Correlation Between Celestica and Haymaker Acquisition
Can any of the company-specific risk be diversified away by investing in both Celestica and Haymaker Acquisition at the same time? Although using a correlation coefficient on its own may not help to predict future stock returns, this module helps to understand the diversifiable risk of combining Celestica and Haymaker Acquisition into the same portfolio, which is an essential part of the fundamental portfolio management process.
By analyzing existing cross correlation between Celestica and Haymaker Acquisition Corp, you can compare the effects of market volatilities on Celestica and Haymaker Acquisition and check how they will diversify away market risk if combined in the same portfolio for a given time horizon. You can also utilize pair trading strategies of matching a long position in Celestica with a short position of Haymaker Acquisition. Check out your portfolio center. Please also check ongoing floating volatility patterns of Celestica and Haymaker Acquisition.

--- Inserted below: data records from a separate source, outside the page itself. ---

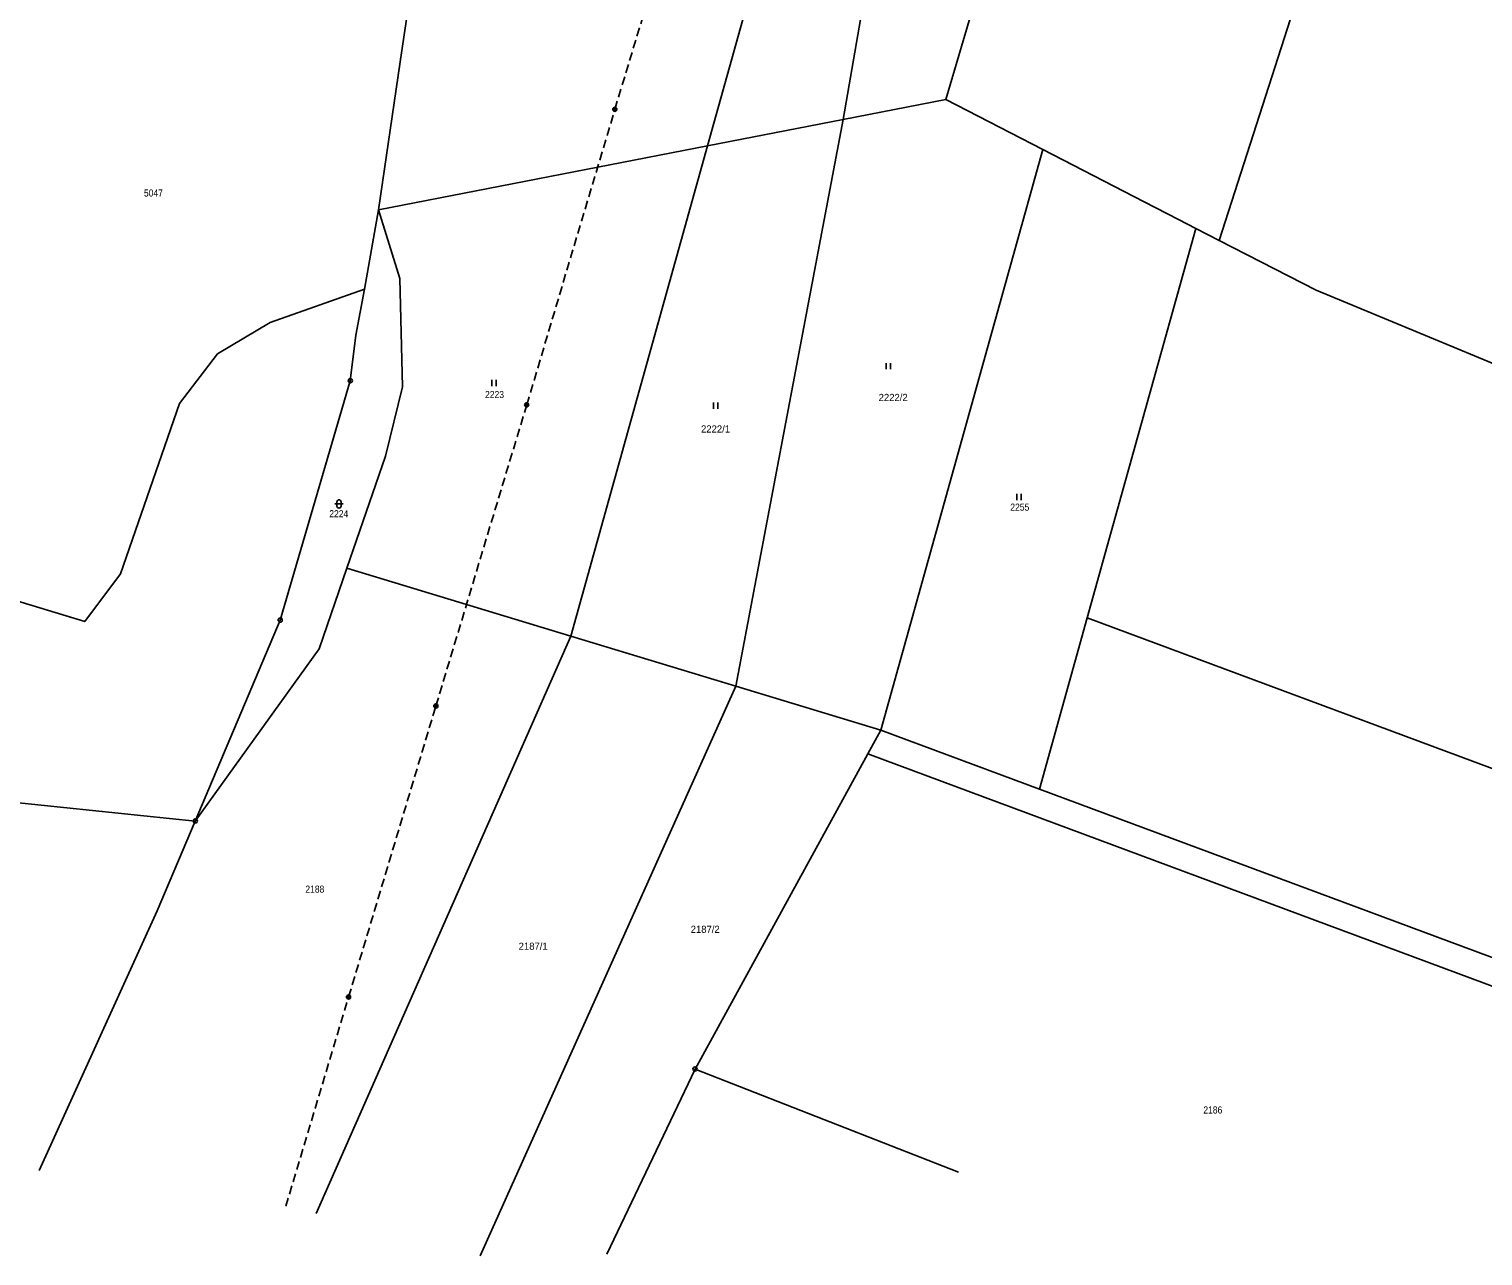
# Model space of a CAD drawing. Extents: x -665688 to -664583, y -1006118 to -1004927.
# Drawn here: x -665404.3 to -665055.9, y -1005939.6 to -1005645.6 of the extents above; entities that cross this region are included whole.
import ezdxf
from ezdxf.enums import TextEntityAlignment as Align

# ---------------------------------------------------------------- set-up
doc = ezdxf.new("R2010")
doc.units = 0
doc.header["$LTSCALE"] = 0.68
doc.linetypes.add('MEDIUM_DASHED', pattern=[4.5, 3, -1.5])
for name, color, linetype, lineweight in [('1', 7, 'Continuous', 25), ('12', 7, 'MEDIUM_DASHED', 25), ('13', 7, 'Continuous', 25), ('24', 7, 'Continuous', 25), ('25', 7, 'Continuous', 25), ('26', 7, 'Continuous', 25)]:
    doc.layers.add(name, color=color, linetype=linetype, lineweight=lineweight)
doc.layers.add('18', color=7, linetype='Continuous')

msp = doc.modelspace()

# ---------------------------------------------------------------- linework, layer by layer
at = {"layer": '1'}
for p, q in [((-665223.62, -1005608.84), (-665241.69, -1005673.6)), ((-665241.69, -1005673.6), (-665320.52, -1005688.93)), ((-665241.69, -1005673.6), (-665274.47, -1005791.07)), ((-665161.35, -1005674.5), (-665200.17, -1005813.59)), ((-665320.52, -1005688.93), (-665315.47, -1005705.35)), ((-665150.75, -1005786.68), (-665124.72, -1005693.36)), ((-665315.47, -1005705.35), (-665314.84, -1005731.36)), ((-665314.84, -1005731.36), (-665318.91, -1005747.93)), ((-665318.91, -1005747.93), (-665328.15, -1005774.8)), ((-665334.78, -1005794.1), (-665328.15, -1005774.8)), ((-665328.15, -1005774.8), (-665274.47, -1005791.07)), ((-665162.2, -1005827.71), (-665150.75, -1005786.68)), ((-665150.75, -1005786.68), (-664981.63, -1005849.59)), ((-665364.46, -1005835.39), (-665334.78, -1005794.1)), ((-665274.47, -1005791.07), (-665335.52, -1005929.46)), ((-665200.17, -1005813.59), (-665162.2, -1005827.71)), ((-665029.87, -1005883.86), (-665203.33, -1005819.32)), ((-664992.8, -1005890.73), (-665162.2, -1005827.71)), ((-665244.72, -1005894.81), (-665265.85, -1005939.16)), ((-665244.72, -1005894.81), (-665181.61, -1005919.53))]:
    msp.add_line(p, q, dxfattribs=at)
for points in [[(-665149.48, -1005588.12), (-665092.38, -1005613.01), (-665119.12, -1005696.24)], [(-665198.65, -1005606.34), (-665209.26, -1005667.29), (-665234.94, -1005803.05), (-665296.22, -1005939.6)], [(-665184.65, -1005662.51), (-665209.26, -1005667.29), (-665241.69, -1005673.6)], [(-665323.94, -1005707.89), (-665346.55, -1005715.92), (-665359.1, -1005723.44), (-665368.23, -1005735.3), (-665382.37, -1005776.17), (-665390.96, -1005787.59), (-665445.72, -1005770.98)], [(-665200.17, -1005813.59), (-665234.94, -1005803.05), (-665274.47, -1005791.07)], [(-665200.17, -1005813.59), (-665203.33, -1005819.32), (-665244.72, -1005894.81)], [(-665481.79, -1005831.46), (-665468.84, -1005832.94), (-665450.28, -1005829.35), (-665419.93, -1005829.7), (-665364.46, -1005835.39)]]:
    msp.add_lwpolyline(points, dxfattribs=at)
at = {"layer": '12'}
msp.add_lwpolyline([(-665342.78, -1005927.71), (-665327.73, -1005877.55), (-665306.81, -1005807.8), (-665285.04, -1005735.65), (-665263.93, -1005664.85), (-665247.23, -1005609.54)], dxfattribs=at)
at = {"layer": '13'}
for p, q in [((-665164.55, -1005594.86), (-665184.65, -1005662.51)), ((-665315.35, -1005653.48), (-665309.42, -1005612.82)), ((-665320.52, -1005688.93), (-665315.35, -1005653.48)), ((-665184.65, -1005662.51), (-665161.35, -1005674.5)), ((-665137.1, -1005686.99), (-665161.35, -1005674.5)), ((-665323.94, -1005707.89), (-665320.52, -1005688.93)), ((-665119.12, -1005696.24), (-665124.72, -1005693.36)), ((-665095.93, -1005708.18), (-665119.12, -1005696.24)), ((-665325.95, -1005718.96), (-665323.94, -1005707.89)), ((-665025.11, -1005737.55), (-665095.93, -1005708.18)), ((-665327.32, -1005729.86), (-665325.95, -1005718.96)), ((-665344.11, -1005787.23), (-665327.32, -1005729.86)), ((-665364.46, -1005835.39), (-665344.11, -1005787.23)), ((-665373.56, -1005856.92), (-665364.46, -1005835.39)), ((-665401.9, -1005919.15), (-665373.56, -1005856.92))]:
    msp.add_line(p, q, dxfattribs=at)
msp.add_lwpolyline([(-665124.72, -1005693.36), (-665128.84, -1005691.24), (-665137.1, -1005686.99)], dxfattribs=at)
at = {"layer": '24'}
for centre, radius in [((-665327.32, -1005729.86), 0.5), ((-665327.32, -1005729.86), 0.032), ((-665344.11, -1005787.23), 0.5), ((-665344.11, -1005787.23), 0.032), ((-665364.46, -1005835.39), 0.5), ((-665364.46, -1005835.39), 0.032), ((-665244.72, -1005894.81), 0.5), ((-665244.72, -1005894.81), 0.032)]:
    msp.add_circle(centre, radius, dxfattribs=at)
at = {"layer": '25'}
for p, q in [((-665198.917, -1005727.125), (-665198.917, -1005725.625)), ((-665197.883, -1005727.125), (-665197.883, -1005725.625)), ((-665293.407, -1005731.175), (-665293.407, -1005729.675)), ((-665292.373, -1005731.175), (-665292.373, -1005729.675)), ((-665240.267, -1005736.595), (-665240.267, -1005735.095)), ((-665239.233, -1005736.595), (-665239.233, -1005735.095)), ((-665331.01, -1005759.4), (-665329.01, -1005759.4)), ((-665330.51, -1005759.9), (-665330.51, -1005758.9)), ((-665329.51, -1005758.9), (-665329.51, -1005759.9)), ((-665167.607, -1005758.505), (-665167.607, -1005757.005)), ((-665166.573, -1005758.505), (-665166.573, -1005757.005))]:
    msp.add_line(p, q, dxfattribs=at)
for centre, start, end in [((-665330.01, -1005758.9), 0.101, 180.00143), ((-665330.01, -1005759.9), 180.10243, 0.00286)]:
    msp.add_arc(centre, 0.5, start, end, dxfattribs=at)
at = {"layer": '26'}
for centre, radius in [((-665263.93, -1005664.85), 0.5), ((-665263.93, -1005664.85), 0.3), ((-665263.93, -1005664.85), 0.15), ((-665285.04, -1005735.65), 0.5), ((-665285.04, -1005735.65), 0.3), ((-665285.04, -1005735.65), 0.15), ((-665306.81, -1005807.8), 0.5), ((-665306.81, -1005807.8), 0.3), ((-665306.81, -1005807.8), 0.15), ((-665327.73, -1005877.55), 0.5), ((-665327.73, -1005877.55), 0.3), ((-665327.73, -1005877.55), 0.15)]:
    msp.add_circle(centre, radius, dxfattribs=at)

# ---------------------------------------------------------------- texts
at = {"layer": '18', "width": 0.9}
for s, p in [('5047', (-665374.4895, -1005685.73)), ('2223', (-665292.7595, -1005734.02)), ('2255', (-665166.8995, -1005761.01)), ('2224', (-665330.0795, -1005762.59)), ('2188', (-665335.8095, -1005852.55)), ('2186', (-665120.6495, -1005905.47))]:
    msp.add_text(s, height=1.7, dxfattribs=at).set_placement(p, align=Align.CENTER)
at = {"layer": '18'}
for s, p in [('2222/2', (-665197.2395, -1005734.72)), ('2222/1', (-665239.7995, -1005742.28)), ('2187/2', (-665242.2795, -1005862.18)), ('2187/1', (-665283.4995, -1005866.23))]:
    msp.add_text(s, height=1.7, dxfattribs=at).set_placement(p, align=Align.CENTER)

doc.saveas('drawing.dxf')

Diversification Opportunities for Celestica and Haymaker Acquisition
0.32 | Correlation Coefficient |
Weak diversification
The 3 months correlation between Celestica and Haymaker is 0.32. Overlapping area represents the amount of risk that can be diversified away by holding Celestica and Haymaker Acquisition Corp in the same portfolio, assuming nothing else is changed. The correlation between historical prices or returns on Haymaker Acquisition Corp and Celestica is a relative statistical measure of the degree to which these equity instruments tend to move together. The correlation coefficient measures the extent to which returns on Celestica are associated (or correlated) with Haymaker Acquisition. Values of the correlation coefficient range from -1 to +1, where. The correlation of zero (0) is possible when the price movement of Haymaker Acquisition Corp has no effect on the direction of Celestica i.e., Celestica and Haymaker Acquisition go up and down completely randomly.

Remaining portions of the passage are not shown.